» **Record excerpts**:
"""

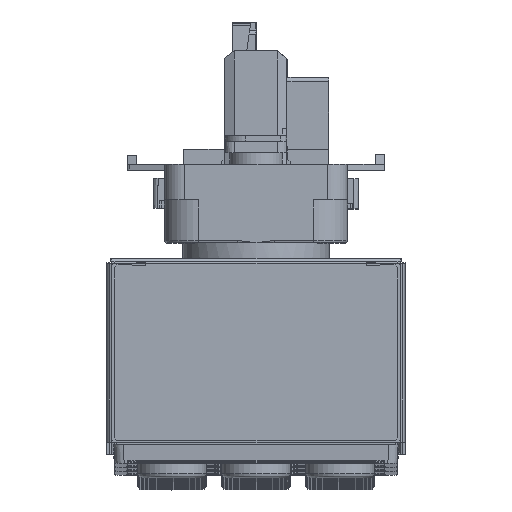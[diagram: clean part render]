
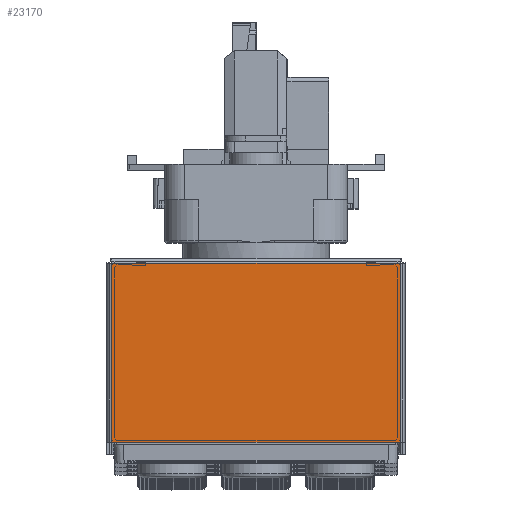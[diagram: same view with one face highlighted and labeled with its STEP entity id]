
A CAD part, top view. The second image highlights one B-rep face of the part: STEP entity #23170.
In plain terms, the highlighted planar face has unit normal (0, 0, 1).
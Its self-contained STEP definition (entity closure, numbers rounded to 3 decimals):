
#3756=FACE_OUTER_BOUND('',#5310,.T.);
#5310=EDGE_LOOP('',(#19778,#19779,#19780,#19781));
#7079=LINE('',#43901,#8721);
#7080=LINE('',#43903,#8722);
#7081=LINE('',#43905,#8723);
#7082=LINE('',#43906,#8724);
#8721=VECTOR('',#32338,10.);
#8722=VECTOR('',#32339,10.);
#8723=VECTOR('',#32340,10.);
#8724=VECTOR('',#32341,10.);
#10741=VERTEX_POINT('',#43899);
#10742=VERTEX_POINT('',#43900);
#10743=VERTEX_POINT('',#43902);
#10744=VERTEX_POINT('',#43904);
#13835=EDGE_CURVE('',#10741,#10742,#7079,.T.);
#13836=EDGE_CURVE('',#10742,#10743,#7080,.T.);
#13837=EDGE_CURVE('',#10744,#10743,#7081,.T.);
#13838=EDGE_CURVE('',#10744,#10741,#7082,.T.);
#19778=ORIENTED_EDGE('',*,*,#13835,.T.);
#19779=ORIENTED_EDGE('',*,*,#13836,.T.);
#19780=ORIENTED_EDGE('',*,*,#13837,.F.);
#19781=ORIENTED_EDGE('',*,*,#13838,.T.);
#21966=PLANE('',#25770);
#23170=ADVANCED_FACE('',(#3756),#21966,.T.);
#25770=AXIS2_PLACEMENT_3D('',#43898,#32336,#32337);
#32336=DIRECTION('center_axis',(0.,0.,
1.));
#32337=DIRECTION('ref_axis',(1.,0.,0.));
#32338=DIRECTION('',(-1.,0.,0.));
#32339=DIRECTION('',(0.,-1.,0.));
#32340=DIRECTION('',(-1.,0.,0.));
#32341=DIRECTION('',(0.,1.,0.));
#43898=CARTESIAN_POINT('Origin',(0.,20.419,
750.5));
#43899=CARTESIAN_POINT('',(31.5,39.419,750.5));
#43900=CARTESIAN_POINT('',(-31.5,39.419,750.5));
#43901=CARTESIAN_POINT('',(15.75,39.419,750.5));
#43902=CARTESIAN_POINT('',(-31.5,0.419,750.5));
#43903=CARTESIAN_POINT('',(-31.5,29.919,750.5));
#43904=CARTESIAN_POINT('',(31.5,0.419,750.5));
#43905=CARTESIAN_POINT('',(32.5,0.419,750.5));
#43906=CARTESIAN_POINT('',(31.5,10.419,750.5));
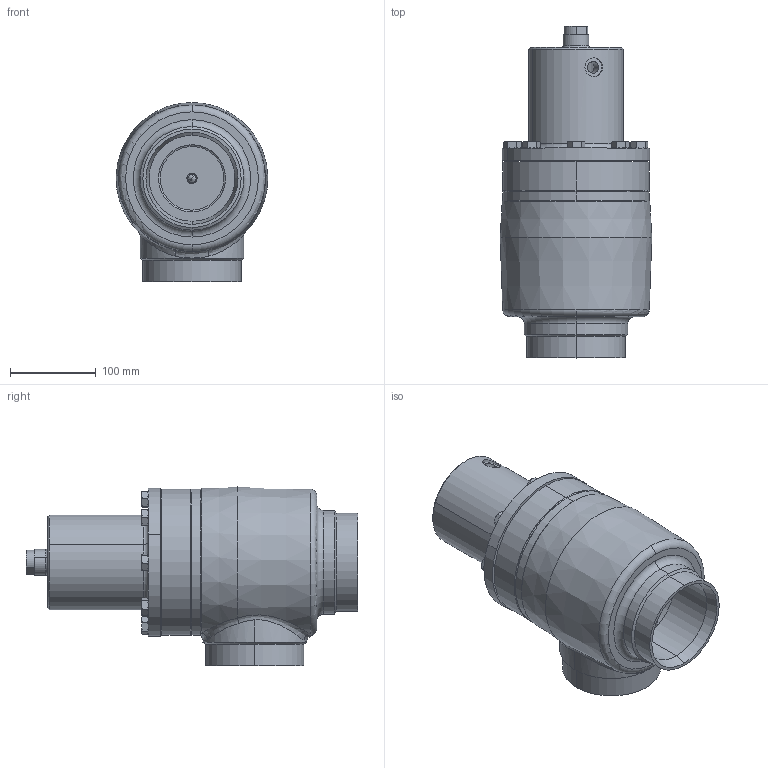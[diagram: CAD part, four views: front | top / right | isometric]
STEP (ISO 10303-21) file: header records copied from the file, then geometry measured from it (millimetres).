
FILE_DESCRIPTION (( 'STEP AP214' ), '1' );
FILE_NAME ('RVD4280xC19-DN100_5-6bar.STEP', '2007-01-10T14:55:57', ( 'Herr Grams' ), ( 'AWP GmbH' ), 'SwSTEP 2.0', 'SolidWorks 2002296', '' );
FILE_SCHEMA (( 'AUTOMOTIVE_DESIGN' ));
Length unit declared in the file: millimetre
Products named in the file (9): RVD4280xC19-DN100_5-6bar; RVD42705E19_Deck+Schr-DN100_5-6bar_Standard; Sechskantschraube-DIN933_M12x 30; Deckel42705E19-DN100_5-6bar_PS40_Standard; Verschlußschr4270xE19-DN100_1-6bar_M12x101_6bar; Gehäuse-kpl16400-DN100_R1_Standard; bead-DN100-1_Standard; Gehäuse16400-DN100_Standard; Kopfstück16300-DN100_Standard
Assembly tree (15 placements, depth 3):
  RVD4280xC19-DN100_5-6bar
    Verschlußschr4270xE19-DN100_1-6bar_M12x101_6bar
    Gehäuse-kpl16400-DN100_R1_Standard
      Gehäuse16400-DN100_Standard
      Kopfstück16300-DN100_Standard
      bead-DN100-1_Standard
    RVD42705E19_Deck+Schr-DN100_5-6bar_Standard
      Sechskantschraube-DIN933_M12x 30  x8
      Deckel42705E19-DN100_5-6bar_PS40_Standard
Bounding box: 176.38 x 386 x 208.23 mm (x, y, z)
Volume: 2882478.9 mm3; surface area: 513226.2 mm2
Topology: 13 solids, 13 shells, 337 faces, 724 edges, 432 vertices
Faces by surface type: cone 134, plane 98, cylinder 85, bspline 10, torus 10
Entity records: 16864 total; most frequent: CARTESIAN_POINT 12639, DIRECTION 827, ORIENTED_EDGE 716, AXIS2_PLACEMENT_3D 362, EDGE_CURVE 358, VERTEX_POINT 222, EDGE_LOOP 204, CIRCLE 190

"""

» **Task objective**:
Please print all the data above word for word. Pictures should not appear in the copy.

» **Output of the exercise**:
[diagram: clean part render]
[diagram: same view with one face highlighted and labeled with its STEP entity id]
A CAD part, top view. The second image highlights one B-rep face of the part: STEP entity #23170.
In plain terms, the highlighted planar face has unit normal (0, 0, 1).
Its self-contained STEP definition (entity closure, numbers rounded to 3 decimals):
#3756=FACE_OUTER_BOUND('',#5310,.T.);
#5310=EDGE_LOOP('',(#19778,#19779,#19780,#19781));
#7079=LINE('',#43901,#8721);
#7080=LINE('',#43903,#8722);
#7081=LINE('',#43905,#8723);
#7082=LINE('',#43906,#8724);
#8721=VECTOR('',#32338,10.);
#8722=VECTOR('',#32339,10.);
#8723=VECTOR('',#32340,10.);
#8724=VECTOR('',#32341,10.);
#10741=VERTEX_POINT('',#43899);
#10742=VERTEX_POINT('',#43900);
#10743=VERTEX_POINT('',#43902);
#10744=VERTEX_POINT('',#43904);
#13835=EDGE_CURVE('',#10741,#10742,#7079,.T.);
#13836=EDGE_CURVE('',#10742,#10743,#7080,.T.);
#13837=EDGE_CURVE('',#10744,#10743,#7081,.T.);
#13838=EDGE_CURVE('',#10744,#10741,#7082,.T.);
#19778=ORIENTED_EDGE('',*,*,#13835,.T.);
#19779=ORIENTED_EDGE('',*,*,#13836,.T.);
#19780=ORIENTED_EDGE('',*,*,#13837,.F.);
#19781=ORIENTED_EDGE('',*,*,#13838,.T.);
#21966=PLANE('',#25770);
#23170=ADVANCED_FACE('',(#3756),#21966,.T.);
#25770=AXIS2_PLACEMENT_3D('',#43898,#32336,#32337);
#32336=DIRECTION('center_axis',(0.,0.,
1.));
#32337=DIRECTION('ref_axis',(1.,0.,0.));
#32338=DIRECTION('',(-1.,0.,0.));
#32339=DIRECTION('',(0.,-1.,0.));
#32340=DIRECTION('',(-1.,0.,0.));
#32341=DIRECTION('',(0.,1.,0.));
#43898=CARTESIAN_POINT('Origin',(0.,20.419,
750.5));
#43899=CARTESIAN_POINT('',(31.5,39.419,750.5));
#43900=CARTESIAN_POINT('',(-31.5,39.419,750.5));
#43901=CARTESIAN_POINT('',(15.75,39.419,750.5));
#43902=CARTESIAN_POINT('',(-31.5,0.419,750.5));
#43903=CARTESIAN_POINT('',(-31.5,29.919,750.5));
#43904=CARTESIAN_POINT('',(31.5,0.419,750.5));
#43905=CARTESIAN_POINT('',(32.5,0.419,750.5));
#43906=CARTESIAN_POINT('',(31.5,10.419,750.5));
[diagram: CAD part, four views: front | top / right | isometric]
STEP (ISO 10303-21) file: header records copied from the file, then geometry measured from it (millimetres).
FILE_DESCRIPTION (( 'STEP AP214' ), '1' );
FILE_NAME ('RVD4280xC19-DN100_5-6bar.STEP', '2007-01-10T14:55:57', ( 'Herr Grams' ), ( 'AWP GmbH' ), 'SwSTEP 2.0', 'SolidWorks 2002296', '' );
FILE_SCHEMA (( 'AUTOMOTIVE_DESIGN' ));
Length unit declared in the file: millimetre
Products named in the file (9): RVD4280xC19-DN100_5-6bar; RVD42705E19_Deck+Schr-DN100_5-6bar_Standard; Sechskantschraube-DIN933_M12x 30; Deckel42705E19-DN100_5-6bar_PS40_Standard; Verschlußschr4270xE19-DN100_1-6bar_M12x101_6bar; Gehäuse-kpl16400-DN100_R1_Standard; bead-DN100-1_Standard; Gehäuse16400-DN100_Standard; Kopfstück16300-DN100_Standard
Assembly tree (15 placements, depth 3):
  RVD4280xC19-DN100_5-6bar
    Verschlußschr4270xE19-DN100_1-6bar_M12x101_6bar
    Gehäuse-kpl16400-DN100_R1_Standard
      Gehäuse16400-DN100_Standard
      Kopfstück16300-DN100_Standard
      bead-DN100-1_Standard
    RVD42705E19_Deck+Schr-DN100_5-6bar_Standard
      Sechskantschraube-DIN933_M12x 30  x8
      Deckel42705E19-DN100_5-6bar_PS40_Standard
Bounding box: 176.38 x 386 x 208.23 mm (x, y, z)
Volume: 2882478.9 mm3; surface area: 513226.2 mm2
Topology: 13 solids, 13 shells, 337 faces, 724 edges, 432 vertices
Faces by surface type: cone 134, plane 98, cylinder 85, bspline 10, torus 10
Entity records: 16864 total; most frequent: CARTESIAN_POINT 12639, DIRECTION 827, ORIENTED_EDGE 716, AXIS2_PLACEMENT_3D 362, EDGE_CURVE 358, VERTEX_POINT 222, EDGE_LOOP 204, CIRCLE 190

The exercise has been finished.